● Task to complete:
The reply to the records below should contain exactly the lines from the line with "Offset = 50.8 mm" through the line with "0, Cost = 0", and nothing besides.

● Data records:
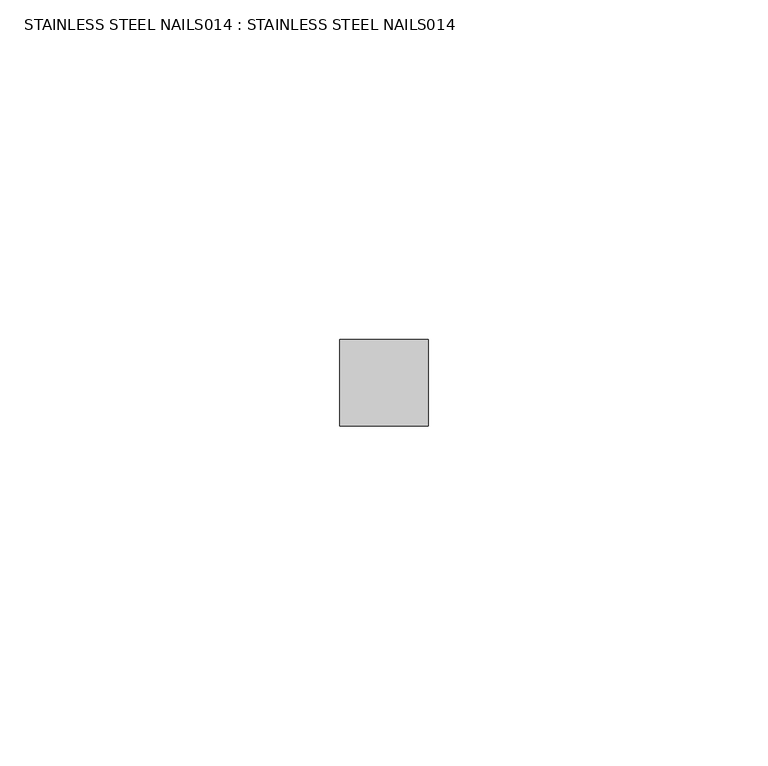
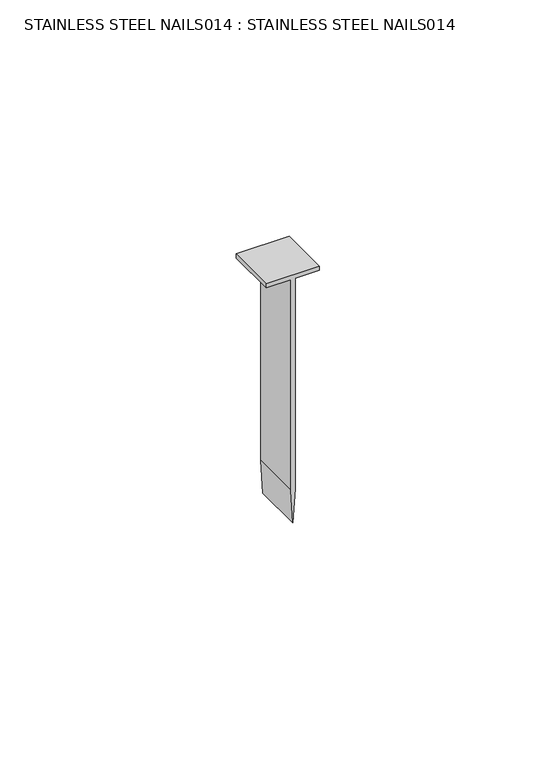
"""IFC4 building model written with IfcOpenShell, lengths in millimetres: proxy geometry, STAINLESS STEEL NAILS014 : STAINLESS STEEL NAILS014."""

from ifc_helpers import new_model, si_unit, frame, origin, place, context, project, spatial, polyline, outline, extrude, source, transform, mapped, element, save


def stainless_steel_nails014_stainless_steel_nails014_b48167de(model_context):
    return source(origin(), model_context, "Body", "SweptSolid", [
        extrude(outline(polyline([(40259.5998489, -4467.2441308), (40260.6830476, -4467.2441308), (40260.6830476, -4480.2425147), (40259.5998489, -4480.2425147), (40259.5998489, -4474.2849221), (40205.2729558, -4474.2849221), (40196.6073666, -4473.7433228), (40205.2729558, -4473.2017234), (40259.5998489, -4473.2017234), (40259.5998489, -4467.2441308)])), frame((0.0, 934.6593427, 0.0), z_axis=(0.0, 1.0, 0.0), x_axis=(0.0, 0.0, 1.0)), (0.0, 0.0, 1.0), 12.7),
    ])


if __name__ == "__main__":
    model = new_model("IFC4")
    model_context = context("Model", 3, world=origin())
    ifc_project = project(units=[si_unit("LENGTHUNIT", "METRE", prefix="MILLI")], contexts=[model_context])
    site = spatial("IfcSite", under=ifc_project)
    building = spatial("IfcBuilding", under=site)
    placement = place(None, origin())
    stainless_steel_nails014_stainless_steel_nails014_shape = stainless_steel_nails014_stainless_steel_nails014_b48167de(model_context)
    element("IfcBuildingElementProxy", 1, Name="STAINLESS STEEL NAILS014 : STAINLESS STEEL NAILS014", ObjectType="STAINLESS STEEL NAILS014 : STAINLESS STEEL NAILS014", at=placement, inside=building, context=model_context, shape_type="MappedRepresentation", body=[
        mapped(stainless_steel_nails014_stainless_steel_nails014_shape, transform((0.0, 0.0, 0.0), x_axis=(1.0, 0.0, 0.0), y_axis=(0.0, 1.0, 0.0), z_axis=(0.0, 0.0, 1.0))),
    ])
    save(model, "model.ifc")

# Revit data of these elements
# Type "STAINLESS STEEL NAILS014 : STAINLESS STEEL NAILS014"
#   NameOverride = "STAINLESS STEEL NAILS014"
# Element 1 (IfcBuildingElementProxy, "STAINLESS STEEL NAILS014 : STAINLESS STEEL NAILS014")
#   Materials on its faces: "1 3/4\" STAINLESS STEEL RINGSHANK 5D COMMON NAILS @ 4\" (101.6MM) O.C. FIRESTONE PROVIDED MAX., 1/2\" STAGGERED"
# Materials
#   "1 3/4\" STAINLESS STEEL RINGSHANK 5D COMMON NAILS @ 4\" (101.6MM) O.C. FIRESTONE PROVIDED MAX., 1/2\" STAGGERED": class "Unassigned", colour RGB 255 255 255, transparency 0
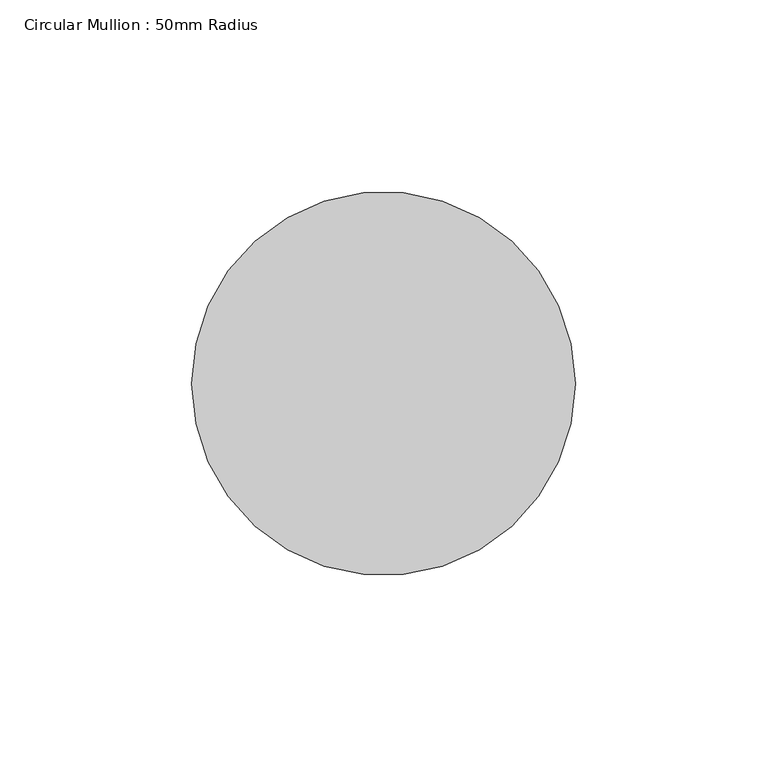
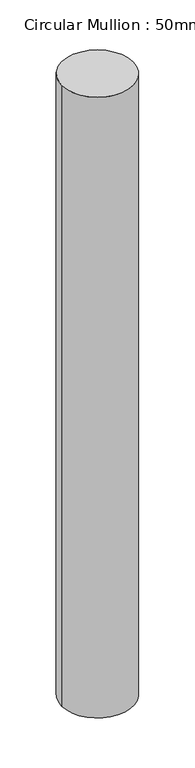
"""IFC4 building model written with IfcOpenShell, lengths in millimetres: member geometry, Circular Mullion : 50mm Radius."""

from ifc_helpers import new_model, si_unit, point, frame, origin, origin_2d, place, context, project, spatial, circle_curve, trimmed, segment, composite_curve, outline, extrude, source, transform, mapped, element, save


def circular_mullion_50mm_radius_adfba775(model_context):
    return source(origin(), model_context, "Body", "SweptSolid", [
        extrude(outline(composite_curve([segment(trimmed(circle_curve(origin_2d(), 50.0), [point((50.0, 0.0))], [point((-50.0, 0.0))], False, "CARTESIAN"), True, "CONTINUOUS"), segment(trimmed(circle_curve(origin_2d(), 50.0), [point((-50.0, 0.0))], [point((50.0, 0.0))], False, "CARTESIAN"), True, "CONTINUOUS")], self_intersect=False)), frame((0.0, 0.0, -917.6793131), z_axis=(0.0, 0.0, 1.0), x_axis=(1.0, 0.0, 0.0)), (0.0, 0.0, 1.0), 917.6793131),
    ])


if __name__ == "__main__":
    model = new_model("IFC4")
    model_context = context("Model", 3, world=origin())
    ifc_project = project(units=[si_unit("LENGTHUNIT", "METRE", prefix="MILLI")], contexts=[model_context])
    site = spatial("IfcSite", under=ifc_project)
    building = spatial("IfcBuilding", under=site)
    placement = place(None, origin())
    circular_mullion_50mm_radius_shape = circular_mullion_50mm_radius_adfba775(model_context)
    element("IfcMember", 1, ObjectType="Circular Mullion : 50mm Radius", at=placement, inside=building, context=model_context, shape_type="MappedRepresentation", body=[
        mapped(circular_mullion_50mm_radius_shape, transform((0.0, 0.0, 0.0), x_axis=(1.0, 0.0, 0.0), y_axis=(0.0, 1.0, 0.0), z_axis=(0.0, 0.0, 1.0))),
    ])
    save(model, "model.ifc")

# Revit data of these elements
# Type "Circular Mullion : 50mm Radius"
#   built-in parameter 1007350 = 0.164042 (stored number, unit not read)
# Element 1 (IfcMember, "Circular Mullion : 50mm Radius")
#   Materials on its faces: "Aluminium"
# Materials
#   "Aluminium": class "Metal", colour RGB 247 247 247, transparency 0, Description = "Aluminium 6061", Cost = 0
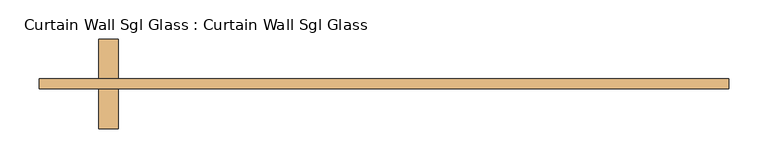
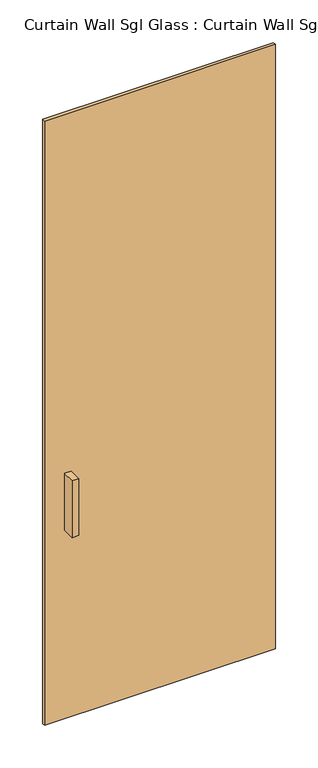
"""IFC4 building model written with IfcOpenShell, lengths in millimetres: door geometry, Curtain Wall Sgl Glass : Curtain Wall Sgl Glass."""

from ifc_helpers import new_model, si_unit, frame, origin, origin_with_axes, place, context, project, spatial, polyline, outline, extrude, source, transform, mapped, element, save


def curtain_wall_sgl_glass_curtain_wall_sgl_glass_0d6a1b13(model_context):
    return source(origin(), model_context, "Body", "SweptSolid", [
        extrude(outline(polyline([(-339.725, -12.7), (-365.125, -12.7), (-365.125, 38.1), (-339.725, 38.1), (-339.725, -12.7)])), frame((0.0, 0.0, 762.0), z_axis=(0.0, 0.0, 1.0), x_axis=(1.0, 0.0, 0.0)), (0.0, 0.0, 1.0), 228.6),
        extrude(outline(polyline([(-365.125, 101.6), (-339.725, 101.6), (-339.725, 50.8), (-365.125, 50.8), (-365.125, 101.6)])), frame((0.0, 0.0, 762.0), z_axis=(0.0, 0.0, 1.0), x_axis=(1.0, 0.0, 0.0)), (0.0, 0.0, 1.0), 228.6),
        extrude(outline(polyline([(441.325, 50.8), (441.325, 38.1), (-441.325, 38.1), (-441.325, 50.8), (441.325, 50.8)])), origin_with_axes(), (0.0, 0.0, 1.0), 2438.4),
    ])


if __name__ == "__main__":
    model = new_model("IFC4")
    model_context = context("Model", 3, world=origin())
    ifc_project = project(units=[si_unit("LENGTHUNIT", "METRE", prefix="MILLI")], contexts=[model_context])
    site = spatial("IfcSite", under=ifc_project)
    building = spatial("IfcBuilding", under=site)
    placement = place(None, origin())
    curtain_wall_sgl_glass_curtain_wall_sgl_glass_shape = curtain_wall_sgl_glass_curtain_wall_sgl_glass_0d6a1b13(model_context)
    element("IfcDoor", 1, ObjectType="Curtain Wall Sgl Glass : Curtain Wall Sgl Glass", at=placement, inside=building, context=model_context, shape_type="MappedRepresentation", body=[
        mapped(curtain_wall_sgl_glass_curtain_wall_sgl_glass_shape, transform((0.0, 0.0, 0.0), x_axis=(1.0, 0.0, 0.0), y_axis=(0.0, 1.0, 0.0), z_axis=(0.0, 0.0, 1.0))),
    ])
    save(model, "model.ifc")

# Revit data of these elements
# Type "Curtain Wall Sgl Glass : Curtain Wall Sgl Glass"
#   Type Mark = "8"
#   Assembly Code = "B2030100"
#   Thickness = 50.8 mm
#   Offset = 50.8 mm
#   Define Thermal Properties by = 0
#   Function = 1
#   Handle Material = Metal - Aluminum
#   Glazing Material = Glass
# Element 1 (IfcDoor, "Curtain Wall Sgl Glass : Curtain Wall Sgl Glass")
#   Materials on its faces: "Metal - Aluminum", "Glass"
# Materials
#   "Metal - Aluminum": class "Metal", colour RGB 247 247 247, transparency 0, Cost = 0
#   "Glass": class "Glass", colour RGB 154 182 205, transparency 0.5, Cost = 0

● Answer area:
#   Offset = 50.8 mm
#   Define Thermal Properties by = 0
#   Function = 1
#   Handle Material = Metal - Aluminum
#   Glazing Material = Glass
# Element 1 (IfcDoor, "Curtain Wall Sgl Glass : Curtain Wall Sgl Glass")
#   Materials on its faces: "Metal - Aluminum", "Glass"
# Materials
#   "Metal - Aluminum": class "Metal", colour RGB 247 247 247, transparency 0, Cost = 0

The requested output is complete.